Youthful clones lacking effects of passed time. 

I ring multicoloured streamers around
the bedroom to form patterns of your name,
our planet rotates, warm and indifferent. 

(this is an old poem i wrote a few months ago.)

Temporal Arrest

I said “I didn’t miss you”, in a lower-case thought,
my fingers formed intertwined behind me, self-taught.

Each parked van in our lot blared symphonies,
without an owner in sight to steer any sense.

The blur of the rain only made this seem romantic,
but that weather only blessed us with mutual flu.

Vowing to Asimov, I rip out all of my circuits
in the high hopes of warping the hippocampus.

Revealing too much until your jaw locks shut,
as the onlookers pity our retainer-stricken lips.
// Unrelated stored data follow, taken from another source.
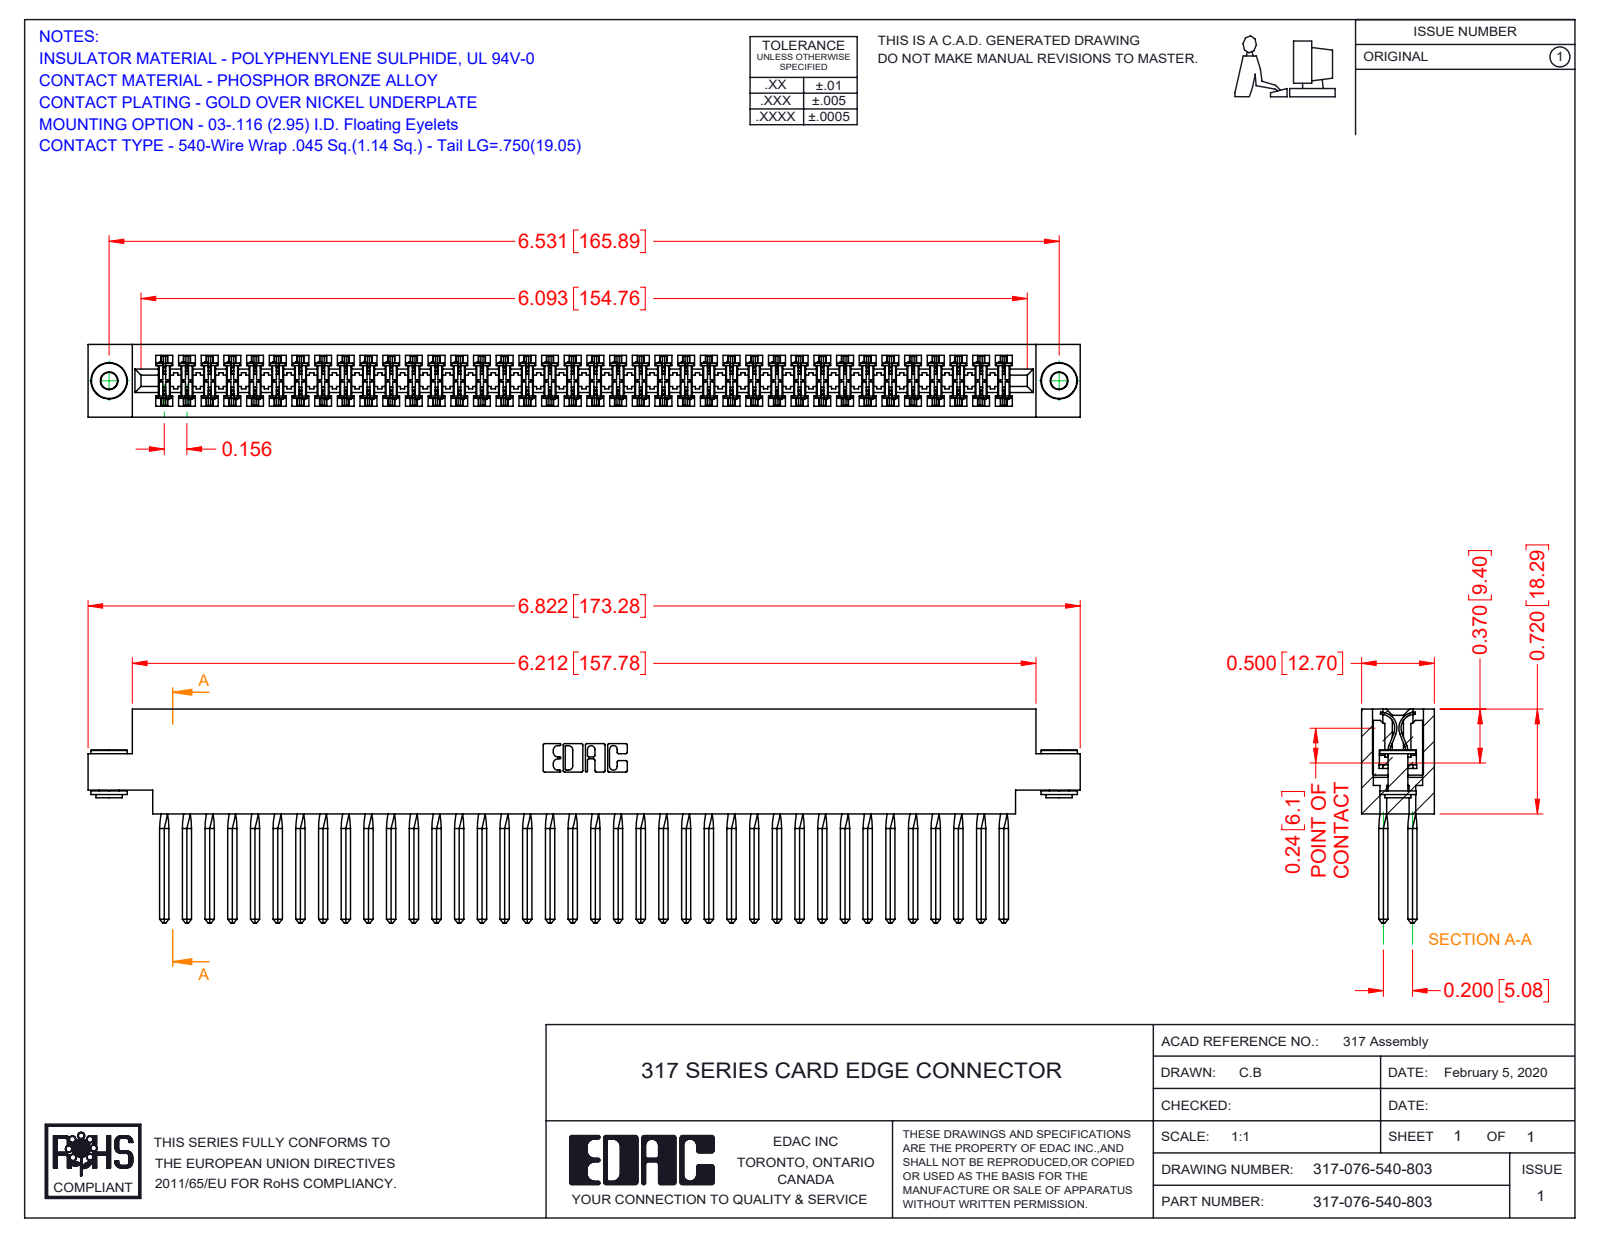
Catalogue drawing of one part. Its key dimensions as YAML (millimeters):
part_name: "345-250-002_345-250-002-102; 317 Part_.156 Dia - TH; 317-076-540-803; 317-290-001_540"
step_written_by: "SolidWorks 2016 (CONFIG_CONTROL_DESIGN)"
units: millimeters
bodies: {solids: 79, faces: 6904, planar: 5616, cylindrical: 976, other: 312}
overall_size: [173.3, 37.3, 12.7]
volume: 28970
surface_area: 43250
round_holes:
  - {diameter: 2.9, count: 2}
  - {diameter: 4, count: 2}
round_bosses_or_shafts:
  - {diameter: 6.4, count: 2}
  - {diameter: 4.6, count: 2}
  - {diameter: 3.5, count: 2}
partial_cylinders:
  - {radius: 0.4, count: 152}
  - {radius: 0.3, count: 22}
  - {radius: 0.2, count: 6}
  - {radius: 0.8, count: 6}
  - {radius: 0.7, count: 3}
  - {radius: 2.4, count: 2}
  - {radius: 2.5, count: 2}
  - {radius: 2.8, count: 2}
face_to_face_distances: [12.7, 1.9, 10.8, 8.9, 5, 2.4, 2.8, 5.1, 2.9, 3.3]
hole_center_spacings: [165.9]

In subtler octaves, you feast on gritted molar
until your stomach sank heavy with exaltation.

Twenty-four hours, awake inside of a warehouse,
crafting cliches about a positive future

as the sink overflows with regurgitated black bile,
as you leak sickness to stain the tan-white tiles. 

Later, we lather in sins of fetishizing incoherence
to shed soppy morsels of withstanding guilt. 

Seized attacks towards our coffee-stained ids,
egotistically seizing in notion of connected numb arms

whilst we lay and linger in light of previous flames
scorched in this bliss like masochistic arsonists.